• [What you should do] Your answer needs to include each line of the records in which the string "drawing" can be found.

• [Information supplied]
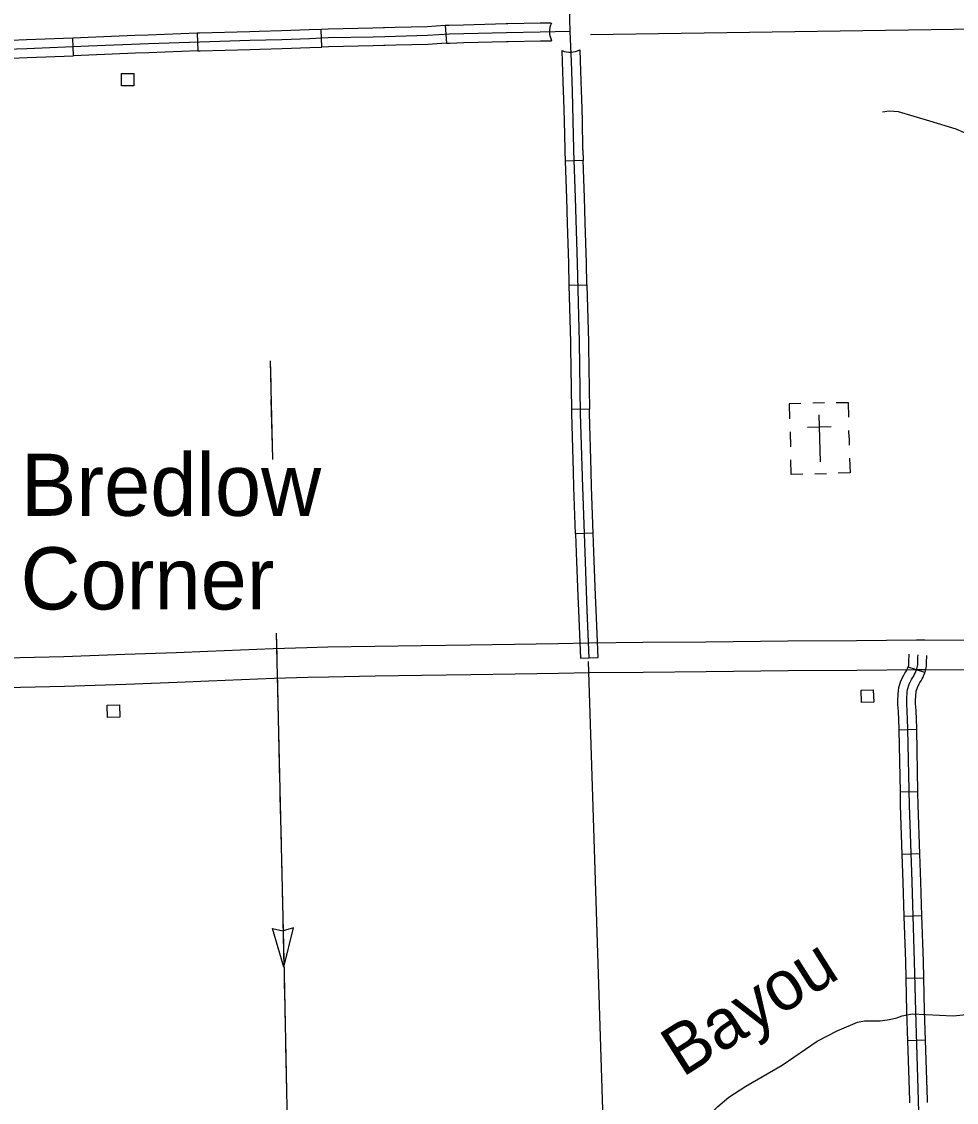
# Model space of a CAD drawing. Extents: x -19 to 366, y -4 to 359.
# Drawn here: x 165.449 to 166.954, y 176.331 to 178.07 of the extents above; entities that cross this region are included whole.
import ezdxf

# ---------------------------------------------------------------- set-up
doc = ezdxf.new("R2010")
doc.units = 0
for name, color, linetype in [('Level 10', 7, 'Continuous'), ('Level 24', 7, 'Continuous'), ('Level 31', 7, 'Continuous'), ('Level 32', 7, 'Continuous'), ('Level 35', 7, 'Continuous'), ('Level 43', 7, 'Continuous'), ('Level 5', 7, 'Continuous'), ('Level 56', 7, 'Continuous'), ('Level 57', 7, 'Continuous'), ('Level 60', 7, 'Continuous')]:
    doc.layers.add(name, color=color, linetype=linetype)

msp = doc.modelspace()

# ---------------------------------------------------------------- linework, layer by layer
at = {"layer": 'Level 10'}
for p, q in [((166.3623, 177.0698), (166.3627, 177.0698)), ((166.892, 177.0745), (166.8919, 177.0745))]:
    msp.add_line(p, q, dxfattribs=at)
for points in [[(166.3623, 177.0698), (166.3126, 177.0685), (166.2428, 177.0677), (166.1716, 177.0663), (166.0926, 177.0654), (166.0179, 177.0644), (165.9423, 177.063), (165.9087, 177.0624), (165.8542, 177.0607), (165.749, 177.0561), (165.698, 177.0543), (165.6155, 177.0512), (165.5172, 177.0478), (165.4466, 177.046), (165.381, 177.0446), (165.3735, 177.0444)], [(166.892, 177.0745), (166.8895, 177.0745), (166.7931, 177.0735), (166.6824, 177.0728), (166.5506, 177.0713), (166.4493, 177.0706), (166.3627, 177.0698)], [(167.7511, 177.0803), (167.6948, 177.0801), (167.6876, 177.0801), (167.6698, 177.08), (167.6511, 177.0799), (167.6395, 177.0797), (167.5342, 177.0791), (167.3821, 177.0771), (167.2859, 177.0767), (167.218, 177.0761), (167.1246, 177.0752), (167.0212, 177.0742), (166.9029, 177.0746), (166.8919, 177.0745)], [(166.8925, 177.0272), (166.9031, 177.0273), (167.0213, 177.0268), (167.125, 177.0278), (167.2184, 177.0288), (167.2862, 177.0293), (167.3825, 177.0297), (167.5346, 177.0317), (167.6399, 177.0324), (167.6516, 177.0325), (167.6701, 177.0326), (167.6878, 177.0327), (167.695, 177.0327), (167.7513, 177.033)], [(165.3749, 176.997), (165.3822, 176.9973), (165.4477, 176.9986), (165.5186, 177.0005), (165.6172, 177.0039), (165.6997, 177.007), (165.7508, 177.0088), (165.856, 177.0134), (165.9099, 177.015), (165.9432, 177.0157), (166.0187, 177.0171), (166.0931, 177.018), (166.1724, 177.019), (166.2436, 177.0204), (166.3135, 177.0212), (166.3635, 177.0224)], [(166.3631, 177.0224), (166.4496, 177.0232), (166.551, 177.0239), (166.6829, 177.0255), (166.7935, 177.0262), (166.8899, 177.0271), (166.8925, 177.0272)]]:
    msp.add_lwpolyline(points, dxfattribs=at)
at = {"layer": 'Level 31'}
for p, q in [((165.9328, 178.0287), (165.9317, 178.0571)), ((166.1313, 178.0632), (166.133, 178.0348)), ((165.533, 178.0147), (165.532, 178.0431)), ((165.7318, 178.0508), (165.7329, 178.0224)), ((166.2324, 178.0376), (166.2324, 178.0376)), ((166.3221, 177.9453), (166.3221, 177.9453)), ((166.353, 177.8462), (166.3247, 177.8452)), ((166.3309, 177.6454), (166.3593, 177.6462)), ((166.3334, 177.5457), (166.3334, 177.5457)), ((166.3632, 177.4461), (166.3348, 177.4457)), ((166.3693, 177.2465), (166.341, 177.2455)), ((166.3487, 177.0455), (166.3771, 177.0467))]:
    msp.add_line(p, q, dxfattribs=at)
for points in [[(166.3321, 178.0535), (166.3301, 178.1317), (166.3281, 178.2345), (166.3266, 178.3039)], [(165.9317, 178.0571), (165.9124, 178.0564), (165.8678, 178.0548), (165.8319, 178.0538)], [(166.0318, 178.0595), (166.0148, 178.059), (165.9426, 178.0575), (165.9317, 178.0571)], [(166.1313, 178.0632), (166.1021, 178.0614), (166.0509, 178.06), (166.0337, 178.0595), (166.0318, 178.0595)], [(166.2318, 178.066), (166.2294, 178.066), (166.1606, 178.0642), (166.1373, 178.0635), (166.1313, 178.0632)], [(166.3019, 178.0673), (166.2838, 178.0671), (166.2318, 178.066)], [(166.0341, 178.0453), (166.0152, 178.0448), (165.943, 178.0433), (165.913, 178.0422), (165.8683, 178.0406), (165.8169, 178.0392), (165.7361, 178.0367), (165.6535, 178.0338), (165.557, 178.0299), (165.4578, 178.0261), (165.4081, 178.0244), (165.3664, 178.0235), (165.3566, 178.0238), (165.3469, 178.0238)], [(165.532, 178.0431), (165.4573, 178.0403), (165.4321, 178.0394)], [(165.6318, 178.0471), (165.5565, 178.0441), (165.532, 178.0431)], [(165.7318, 178.0508), (165.6529, 178.0479), (165.6318, 178.0471)], [(165.8319, 178.0538), (165.8165, 178.0534), (165.7356, 178.0509), (165.7318, 178.0508)], [(166.3321, 178.0535), (166.2841, 178.0529), (166.2297, 178.0518), (166.161, 178.05), (166.1379, 178.0494), (166.1027, 178.0472), (166.0513, 178.0458), (166.0341, 178.0453)], [(166.133, 178.0348), (166.1386, 178.0352), (166.1614, 178.0358), (166.23, 178.0376), (166.2324, 178.0376)], [(166.2324, 178.0376), (166.2843, 178.0387), (166.3023, 178.0389)], [(166.3629, 177.0461), (166.3597, 177.1228), (166.3562, 177.2161), (166.3525, 177.3209), (166.3491, 177.4394), (166.3475, 177.5544), (166.3442, 177.6807), (166.341, 177.7863), (166.3383, 177.8623), (166.3382, 177.8644), (166.3373, 177.9101), (166.3359, 177.9579), (166.3342, 178.0057), (166.3321, 178.0535)], [(165.7329, 178.0224), (165.654, 178.0196), (165.633, 178.0187)], [(165.7329, 178.0224), (165.7366, 178.0225), (165.8173, 178.025), (165.8327, 178.0254)], [(165.8327, 178.0254), (165.8687, 178.0264), (165.9135, 178.028), (165.9328, 178.0287)], [(166.0326, 178.0311), (166.0155, 178.0306), (165.9434, 178.0291), (165.9328, 178.0287)], [(166.133, 178.0348), (166.1033, 178.033), (166.0517, 178.0316), (166.0345, 178.0311), (166.0326, 178.0311)], [(166.3221, 177.9453), (166.3217, 177.9575), (166.32, 178.0052), (166.3192, 178.023)], [(166.3476, 178.0243), (166.3484, 178.0063), (166.3501, 177.9584), (166.3505, 177.9461)], [(165.4331, 178.011), (165.4583, 178.0119), (165.533, 178.0147)], [(165.633, 178.0187), (165.5576, 178.0157), (165.533, 178.0147)], [(166.3247, 177.8452), (166.3241, 177.8619), (166.324, 177.8641), (166.3231, 177.9098), (166.3221, 177.9453)], [(166.3505, 177.9461), (166.3515, 177.9105), (166.3524, 177.8646), (166.3525, 177.8627), (166.353, 177.8462)], [(166.328, 177.7453), (166.3268, 177.7858), (166.3247, 177.8452)], [(166.3564, 177.7462), (166.3552, 177.7867), (166.353, 177.8462)], [(166.3309, 177.6454), (166.33, 177.6803), (166.328, 177.7453)], [(166.3593, 177.6462), (166.3584, 177.6811), (166.3564, 177.7462)], [(166.3334, 177.5457), (166.3333, 177.5541), (166.3309, 177.6454)], [(166.3593, 177.6462), (166.3617, 177.5547), (166.3618, 177.546)], [(166.3348, 177.4457), (166.3334, 177.5457)], [(166.3618, 177.546), (166.3632, 177.4461)], [(166.3376, 177.3455), (166.3349, 177.4391), (166.3348, 177.4457)], [(166.366, 177.3463), (166.3633, 177.4397), (166.3632, 177.4461)], [(166.341, 177.2455), (166.3383, 177.3205), (166.3376, 177.3455)], [(166.3693, 177.2465), (166.3667, 177.3214), (166.366, 177.3463)], [(166.341, 177.2455), (166.342, 177.2156), (166.3447, 177.1455)], [(166.373, 177.1466), (166.3704, 177.2166), (166.3693, 177.2465)], [(166.3447, 177.1455), (166.3455, 177.1223), (166.3487, 177.0455)], [(166.3771, 177.0467), (166.3739, 177.1234), (166.373, 177.1466)]]:
    msp.add_lwpolyline(points, dxfattribs=at)
for start, end in [(155.4209, 206.175), (247.147, 297.9004)]:
    msp.add_arc((166.3321, 178.0535), 0.0331, start, end, dxfattribs=at)
at = {"layer": 'Level 32'}
for p, q in [((166.9033, 177.0224), (166.8763, 177.0312)), ((166.89, 176.9305), (166.8616, 176.9299)), ((166.8921, 176.8305), (166.8637, 176.8299)), ((166.8952, 176.7308), (166.8668, 176.7298)), ((166.8985, 176.6308), (166.8701, 176.6299)), ((166.9015, 176.5307), (166.8731, 176.5301)), ((166.9042, 176.4309), (166.8758, 176.43))]:
    msp.add_line(p, q, dxfattribs=at)
for points in [[(166.8965, 176.1952), (166.8931, 176.3346), (166.8885, 176.4776), (166.8867, 176.5577), (166.8825, 176.6855), (166.8783, 176.8088), (166.8758, 176.9315), (166.8758, 176.9322), (166.8749, 176.9608), (166.8741, 176.9715), (166.8741, 176.9755), (166.8741, 176.9794), (166.8742, 176.9834), (166.8744, 176.9874), (166.8748, 176.9914), (166.8752, 176.9953), (166.8779, 177.0035), (166.8817, 177.0113), (166.8832, 177.0137), (166.8847, 177.0162), (166.8861, 177.0188), (166.8874, 177.0214), (166.8886, 177.0241), (166.8898, 177.0267), (166.8904, 177.0285), (166.8909, 177.0306), (166.8913, 177.0326), (166.8916, 177.0346), (166.8917, 177.0386), (166.8918, 177.0427), (166.892, 177.0468), (166.8922, 177.0508)], [(166.8763, 177.0312), (166.8767, 177.0326), (166.8771, 177.0339), (166.8773, 177.0351), (166.8774, 177.0358), (166.8775, 177.039), (166.8776, 177.0432), (166.8778, 177.0475), (166.878, 177.0517)], [(166.9033, 177.0224), (166.904, 177.0245), (166.9047, 177.0273), (166.9053, 177.0301), (166.9058, 177.0334), (166.9059, 177.0383), (166.906, 177.0422), (166.9062, 177.0461), (166.9064, 177.05)], [(166.8616, 176.9299), (166.8616, 176.9311), (166.8616, 176.9318), (166.8607, 176.96), (166.8599, 176.9709), (166.8598, 176.9754), (166.8599, 176.9797), (166.86, 176.9841), (166.8603, 176.9884), (166.8606, 176.9927), (166.8612, 176.9984), (166.8647, 177.0089), (166.8692, 177.0182), (166.8711, 177.0212), (166.8723, 177.0233), (166.8735, 177.0254), (166.8746, 177.0276), (166.8756, 177.0298), (166.8764, 177.0317), (166.8763, 177.0312)], [(166.89, 176.9305), (166.89, 176.9318), (166.89, 176.9327), (166.8891, 176.9615), (166.8883, 176.9721), (166.8883, 176.9755), (166.8883, 176.9792), (166.8884, 176.9828), (166.8886, 176.9864), (166.8889, 176.9901), (166.8891, 176.9923), (166.8911, 176.9981), (166.8941, 177.0044), (166.8953, 177.0063), (166.8971, 177.0092), (166.8987, 177.0122), (166.9002, 177.0152), (166.9016, 177.0183), (166.9031, 177.0218), (166.9033, 177.0224)], [(166.8637, 176.8299), (166.8616, 176.9299)], [(166.8921, 176.8305), (166.89, 176.9305)], [(166.8668, 176.7298), (166.8641, 176.8084), (166.8637, 176.8299)], [(166.8952, 176.7308), (166.8925, 176.8092), (166.8921, 176.8305)], [(166.8701, 176.6299), (166.8683, 176.685), (166.8668, 176.7298)], [(166.8985, 176.6308), (166.8967, 176.6859), (166.8952, 176.7308)], [(166.8731, 176.5301), (166.8725, 176.5573), (166.8701, 176.6299)], [(166.9015, 176.5307), (166.9009, 176.5581), (166.8985, 176.6308)], [(166.8758, 176.43), (166.8743, 176.4772), (166.8731, 176.5301)], [(166.9042, 176.4309), (166.9027, 176.4779), (166.9015, 176.5307)], [(166.879, 176.3301), (166.8789, 176.3342), (166.8758, 176.43)], [(166.9074, 176.3308), (166.9073, 176.335), (166.9042, 176.4309)]]:
    msp.add_lwpolyline(points, dxfattribs=at)
at = {"layer": 'Level 35'}
for points in [[(166.9903, 177.8806), (166.9535, 177.8968), (166.911, 177.9097), (166.8606, 177.9246), (166.8455, 177.9256), (166.8349, 177.9242)], [(166.5125, 176.2396), (166.5159, 176.2462), (166.5171, 176.2505), (166.5284, 176.2785), (166.5364, 176.2902), (166.5701, 176.3241), (166.5875, 176.339), (166.615, 176.357), (166.6735, 176.3909), (166.7296, 176.4292), (166.762, 176.4457), (166.7948, 176.4597), (166.8058, 176.4623), (166.8312, 176.462), (166.8463, 176.464), (166.8583, 176.4668), (166.8664, 176.4699), (166.8829, 176.4734), (166.9487, 176.4703), (166.9809, 176.4731)]]:
    msp.add_lwpolyline(points, dxfattribs=at)
at = {"layer": 'Level 43'}
for p, q in [((165.8715, 176.5483), (165.8533, 176.6107)), ((165.8533, 176.6107), (165.8701, 176.6066)), ((165.8869, 176.6114), (165.8703, 176.6066)), ((165.8715, 176.5483), (165.8869, 176.6114))]:
    msp.add_line(p, q, dxfattribs=at)
for points in [[(165.8494, 177.524), (165.853, 177.3652)], [(165.8494, 177.524), (165.8503, 177.4865)], [(165.8508, 177.4615), (165.8525, 177.3865)], [(165.8594, 177.0857), (165.8718, 176.5373), (165.8819, 176.0543), (165.8957, 175.6662), (165.8949, 175.6501), (165.8897, 175.6372), (165.8822, 175.6283), (165.8679, 175.6175)], [(165.8594, 177.0857), (165.8602, 177.0482)], [(165.8608, 177.0232), (165.8625, 176.9482)], [(165.863, 176.9232), (165.8647, 176.8482)], [(165.8653, 176.8232), (165.867, 176.7482)], [(165.8676, 176.7233), (165.8693, 176.6483)], [(165.8698, 176.6233), (165.8715, 176.5483)], [(165.8721, 176.5233), (165.8729, 176.4858)], [(165.8729, 176.4858), (165.8736, 176.4483)], [(165.8742, 176.4233), (165.8757, 176.3483)]]:
    msp.add_lwpolyline(points, dxfattribs=at)
at = {"layer": 'Level 5'}
for points in [[(166.3649, 178.0488), (167.3515, 178.0632)], [(166.3614, 177.04), (166.3922, 176.0676)]]:
    msp.add_lwpolyline(points, dxfattribs=at)
at = {"layer": 'Level 56'}
for points in [[(165.6104, 177.9665), (165.6104, 177.9862), (165.6302, 177.9862), (165.6302, 177.9665)], [(166.801, 176.9744), (166.8005, 176.9941), (166.8202, 176.9946), (166.8208, 176.9749)], [(165.5877, 176.95), (165.5871, 176.9697), (165.6069, 176.9703), (165.6074, 176.9505)]]:
    msp.add_lwpolyline(points, close=True, dxfattribs=at)
at = {"layer": 'Level 57'}
for p, q in [((166.7417, 177.4561), (166.7228, 177.4556)), ((166.7327, 177.4369), (166.7348, 177.3612)), ((166.7143, 177.4174), (166.7523, 177.4185)), ((166.7811, 177.4003), (166.7808, 177.412)), ((166.6861, 177.4094), (166.6868, 177.3857)), ((166.7338, 177.399), (166.7338, 177.399)), ((166.7338, 177.399), (166.7338, 177.399)), ((166.7811, 177.4003), (166.7814, 177.3883)), ((166.726, 177.342), (166.7449, 177.3425))]:
    msp.add_line(p, q, dxfattribs=at)
for points in [[(166.7038, 177.455), (166.6848, 177.4545), (166.6855, 177.4308)], [(166.7606, 177.4566), (166.7795, 177.4571), (166.7802, 177.4335)], [(166.707, 177.3414), (166.688, 177.3409), (166.6874, 177.3646)], [(166.782, 177.3672), (166.7827, 177.3436), (166.7638, 177.343)]]:
    msp.add_lwpolyline(points, dxfattribs=at)
at = {"layer": 'Level 60'}
for points in [[(176.1271, 2.4436), (175.8876, 11.0613), (175.6472, 19.6792), (175.4061, 28.2972), (175.164, 36.9153), (174.9212, 45.5335), (174.6775, 54.1519), (174.433, 62.7704), (174.1876, 71.389), (173.9414, 80.0077), (173.6944, 88.6266), (173.4466, 97.2456), (173.1979, 105.8647), (172.9484, 114.484), (172.6981, 123.1034), (172.447, 131.7229), (172.195, 140.3425), (171.9422, 148.9623), (171.6886, 157.5822), (171.4342, 166.2022), (171.179, 174.8224), (170.9229, 183.4427), (170.666, 192.0631), (170.4084, 200.6837), (170.1499, 209.3044), (169.8906, 217.9252), (169.6305, 226.5461), (169.3695, 235.1672), (169.1078, 243.7884), (168.8453, 252.4098), (168.5819, 261.0312), (168.3178, 269.6528), (168.0528, 278.2746), (167.7871, 286.8964), (167.5205, 295.5185), (167.2532, 304.1406), (166.985, 312.7629), (166.7161, 321.3853), (166.4463, 330.0078), (166.1758, 338.6305), (165.9044, 347.2533)], [(168.7902, 2.2442), (168.5607, 10.8615), (168.3304, 19.479), (168.0993, 28.0965), (167.8673, 36.7142), (167.6346, 45.3321), (167.4011, 53.95), (167.1668, 62.5681), (166.9316, 71.1863), (166.6957, 79.8047), (166.459, 88.4232), (166.2215, 97.0418), (165.9832, 105.6605), (165.7441, 114.2794), (165.5043, 122.8984), (165.2636, 131.5176), (165.0221, 140.1368), (164.7799, 148.7563), (164.5369, 157.3758), (164.2931, 165.9955), (164.0485, 174.6153), (163.8031, 183.2352), (163.5569, 191.8553), (163.31, 200.4755), (163.0623, 209.0959), (162.8138, 217.7164), (162.5645, 226.337), (162.3145, 234.9577), (162.0637, 243.5786), (161.8121, 252.1997), (161.5597, 260.8208), (161.3066, 269.4421), (161.0527, 278.0636), (160.798, 286.6851), (160.5426, 295.3068), (160.2864, 303.9287), (160.0294, 312.5507), (159.7717, 321.1728), (159.5132, 329.7951), (159.2539, 338.4175), (158.9939, 347.04)], [(0, 172.2839), (7.1335, 172.2883), (14.267, 172.3015), (21.4005, 172.3236), (28.5339, 172.3544), (35.6673, 172.3941), (42.8006, 172.4426), (49.9339, 172.4999), (57.0671, 172.566), (64.2002, 172.6409), (71.3332, 172.7246), (78.4661, 172.8172), (85.5989, 172.9186), (92.7315, 173.0287), (99.8641, 173.1477), (106.9964, 173.2755), (114.1286, 173.4122), (121.2606, 173.5576), (128.3925, 173.7119), (135.5241, 173.8749), (142.6555, 174.0468), (149.7867, 174.2275), (156.9177, 174.417), (164.0485, 174.6153), (171.179, 174.8224), (178.3092, 175.0383), (185.4392, 175.2631), (192.5688, 175.4966), (199.6982, 175.739), (206.8273, 175.9902), (213.9561, 176.2502), (221.0845, 176.5189), (228.2126, 176.7965), (235.3404, 177.083), (242.4677, 177.3782), (249.5948, 177.6822), (256.7214, 177.995), (263.8476, 178.3167), (270.9735, 178.6471), (278.0989, 178.9863), (285.2239, 179.3344), (292.3485, 179.6912), (299.4726, 180.0569), (306.5963, 180.4314), (313.7195, 180.8146), (320.8422, 181.2067), (327.9644, 181.6076), (335.0862, 182.0172), (342.2074, 182.4357)]]:
    msp.add_spline(points, degree=3, dxfattribs=at)

# ---------------------------------------------------------------- texts
at = {"layer": 'Level 24'}
for s, p in [('Bredlow', (165.4484, 177.2745)), ('Corner', (165.4477, 177.1239))]:
    msp.add_text(s, height=0.1, dxfattribs=at).set_placement(p)
at = {"layer": 'Level 35'}
msp.add_text('Bayou', height=0.08, rotation=32.3617, dxfattribs=at).set_placement((166.513, 176.3704))

doc.saveas('drawing.dxf')

• [Response box]
# Model space of a CAD drawing. Extents: x -19 to 366, y -4 to 359.
doc.saveas('drawing.dxf')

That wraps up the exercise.